[[ RECORDED DATA, beginning ]]
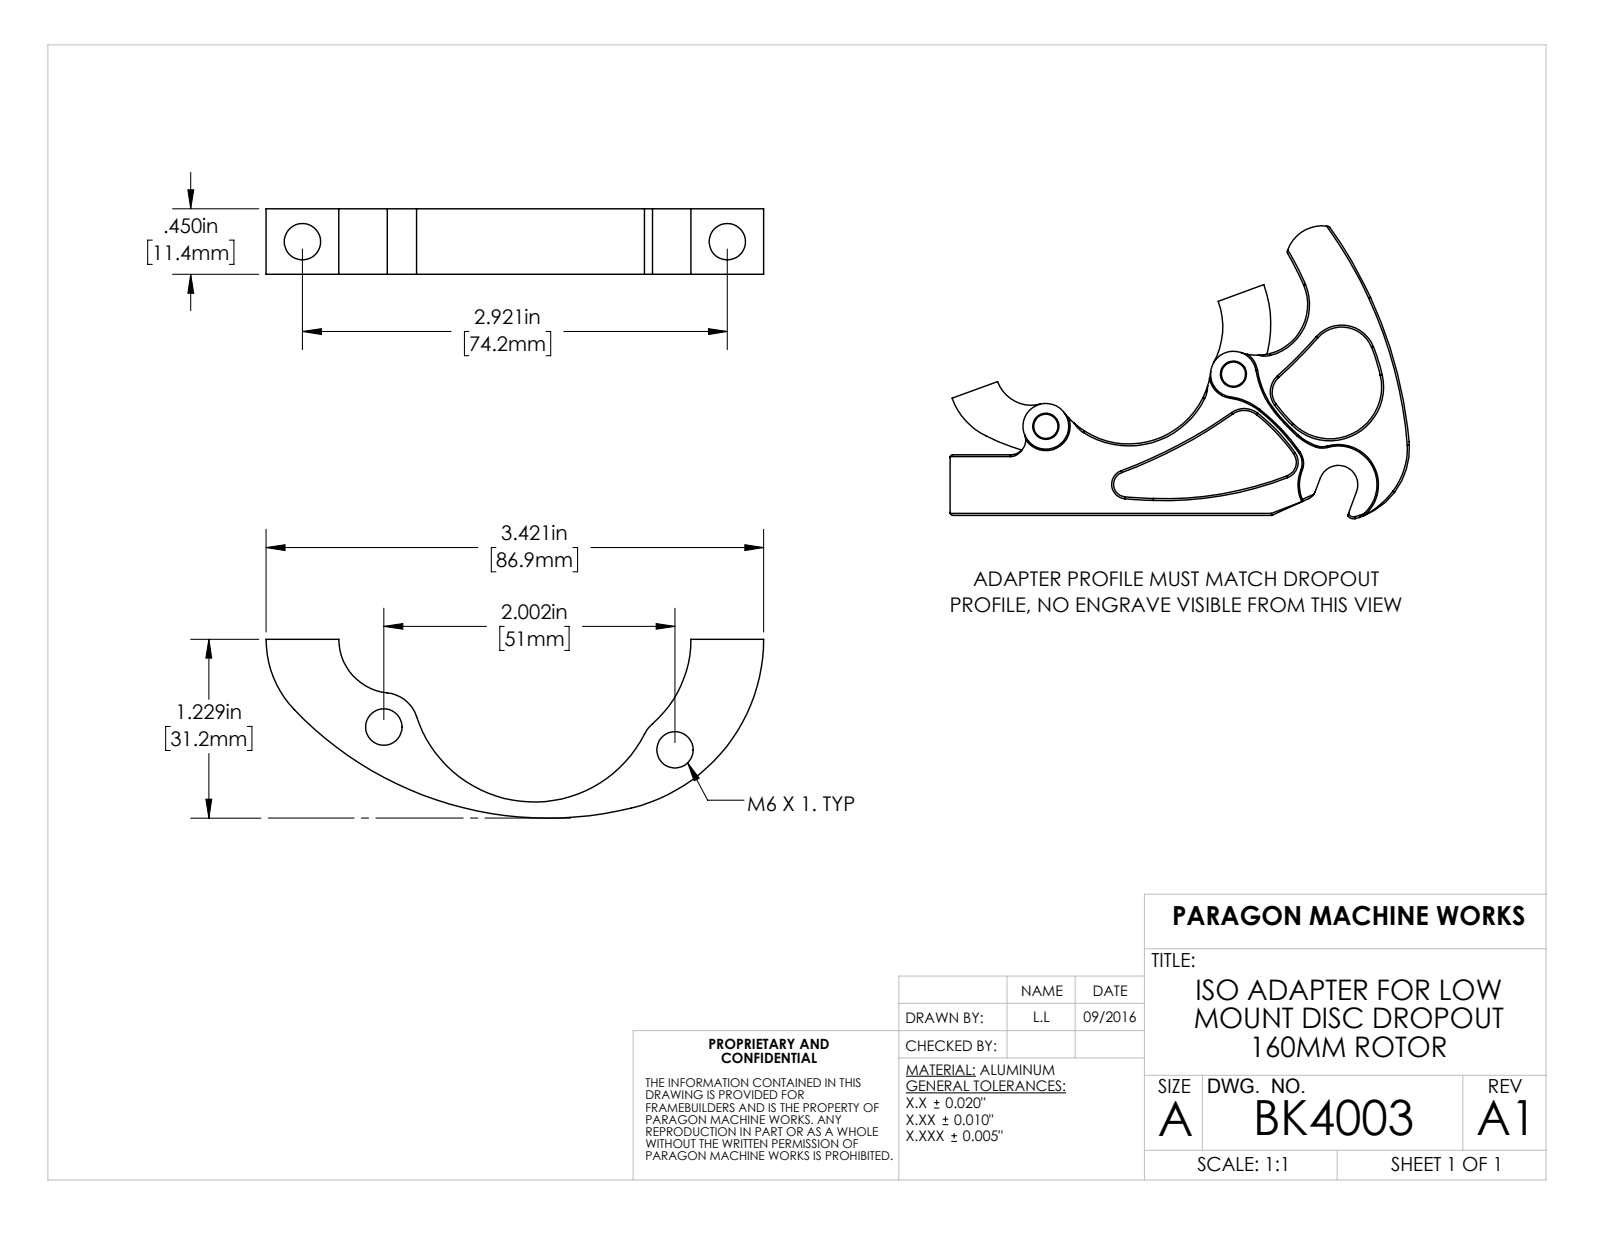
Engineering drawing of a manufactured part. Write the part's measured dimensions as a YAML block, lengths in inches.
part_name: "BK4003"
step_written_by: "SolidWorks 2018 (AUTOMOTIVE_DESIGN)"
units: inches
bodies: {solids: 1, faces: 20, planar: 4, cylindrical: 16, other: 0}
overall_size: [3.421, 1.229, 0.45]
volume: 0.541
surface_area: 8.27
round_holes:
  - {diameter: 0.25, count: 4}
partial_cylinders:
  - {radius: 0.236, count: 2}
  - {radius: 0.37, count: 1}
  - {radius: 0.7, count: 1}
  - {radius: 0.771, count: 1}
  - {radius: 0.85, count: 1}
  - {radius: 1.194, count: 1}
  - {radius: 2.412, count: 1}
face_to_face_distances: [0.45]
hole_center_spacings: [2.008, 2.921]
[[ RECORDED DATA, end ]]
▶ [HOW TO COMPLETE THIS TASK]: Copy out the listing above exactly, and keep the pictures out of it.

▶ [RESPONSE BELOW]:
Engineering drawing of a manufactured part. Write the part's measured dimensions as a YAML block, lengths in inches.
part_name: "BK4003"
step_written_by: "SolidWorks 2018 (AUTOMOTIVE_DESIGN)"
units: inches
bodies: {solids: 1, faces: 20, planar: 4, cylindrical: 16, other: 0}
overall_size: [3.421, 1.229, 0.45]
volume: 0.541
surface_area: 8.27
round_holes:
  - {diameter: 0.25, count: 4}
partial_cylinders:
  - {radius: 0.236, count: 2}
  - {radius: 0.37, count: 1}
  - {radius: 0.7, count: 1}
  - {radius: 0.771, count: 1}
  - {radius: 0.85, count: 1}
  - {radius: 1.194, count: 1}
  - {radius: 2.412, count: 1}
face_to_face_distances: [0.45]
hole_center_spacings: [2.008, 2.921]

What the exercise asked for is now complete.